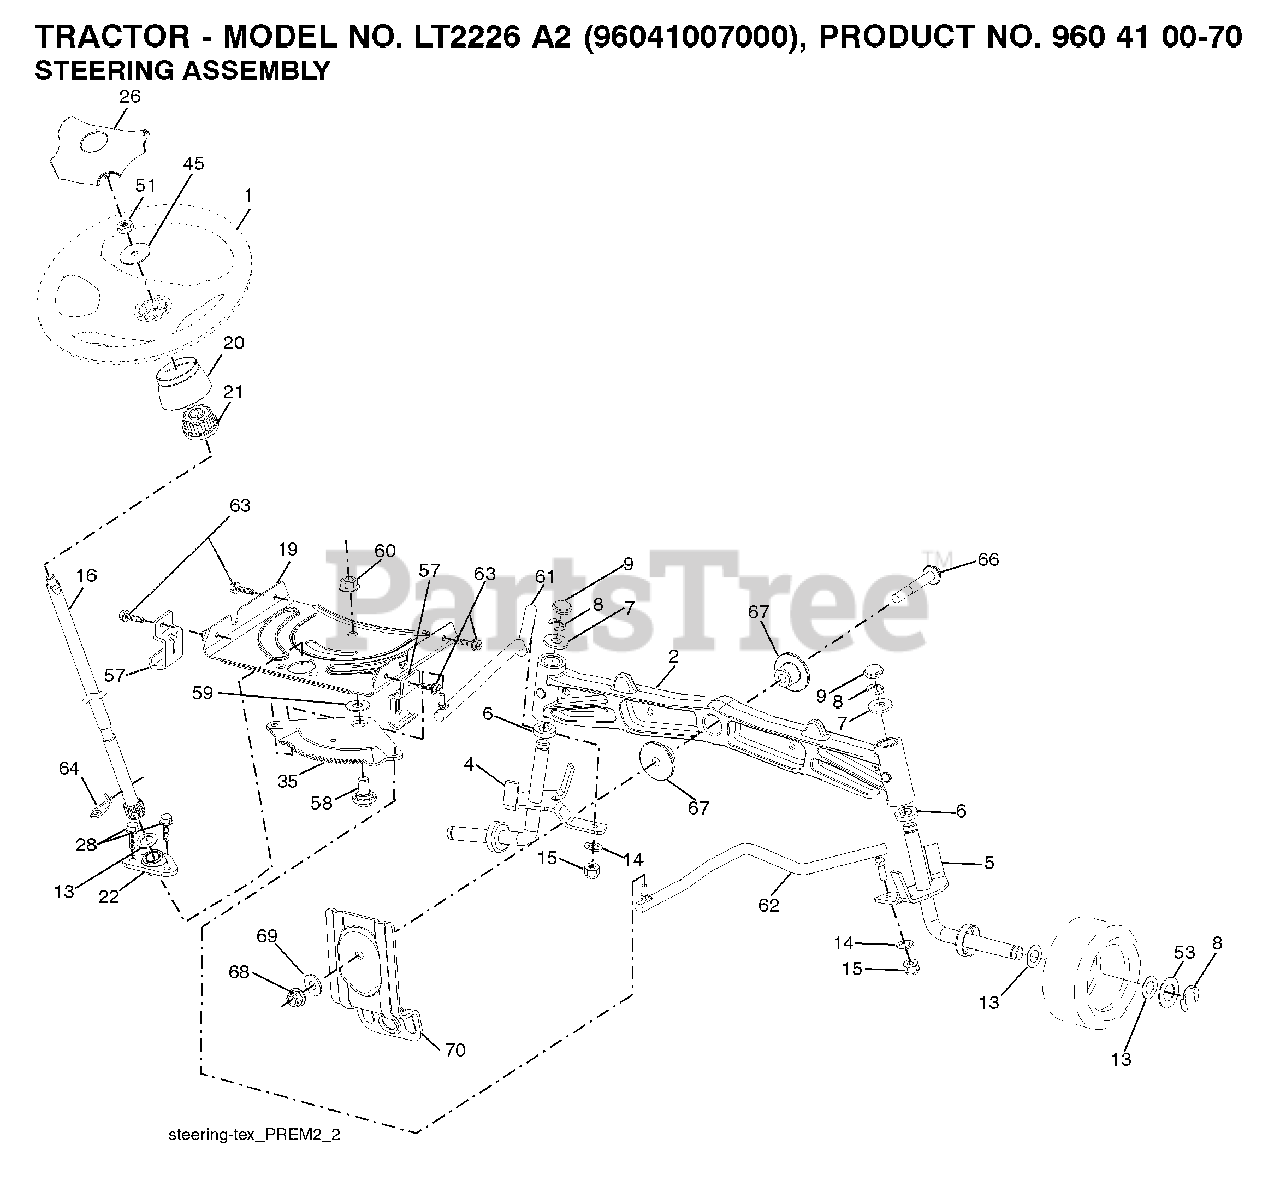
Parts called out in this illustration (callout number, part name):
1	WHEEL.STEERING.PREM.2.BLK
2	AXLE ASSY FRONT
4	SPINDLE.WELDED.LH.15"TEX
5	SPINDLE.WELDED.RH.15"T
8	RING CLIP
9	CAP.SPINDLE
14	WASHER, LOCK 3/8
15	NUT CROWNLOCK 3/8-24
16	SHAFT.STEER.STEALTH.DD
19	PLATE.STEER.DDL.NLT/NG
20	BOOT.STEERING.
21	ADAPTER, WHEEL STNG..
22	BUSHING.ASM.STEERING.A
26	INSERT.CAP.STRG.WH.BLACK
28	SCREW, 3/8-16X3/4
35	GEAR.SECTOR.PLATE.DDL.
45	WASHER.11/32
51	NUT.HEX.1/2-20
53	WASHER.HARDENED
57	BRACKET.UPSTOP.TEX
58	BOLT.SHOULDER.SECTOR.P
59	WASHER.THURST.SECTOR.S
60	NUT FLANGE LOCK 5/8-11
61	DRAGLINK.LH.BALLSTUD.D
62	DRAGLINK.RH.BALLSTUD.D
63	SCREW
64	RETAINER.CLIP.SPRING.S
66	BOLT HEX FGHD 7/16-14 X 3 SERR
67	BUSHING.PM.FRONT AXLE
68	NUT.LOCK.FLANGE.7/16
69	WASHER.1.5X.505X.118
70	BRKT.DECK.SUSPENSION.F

■ Task instructions:
Lines in the listing above that hold the string "BUSHING" need counting. Please reply with the total only.

■ Response area:
2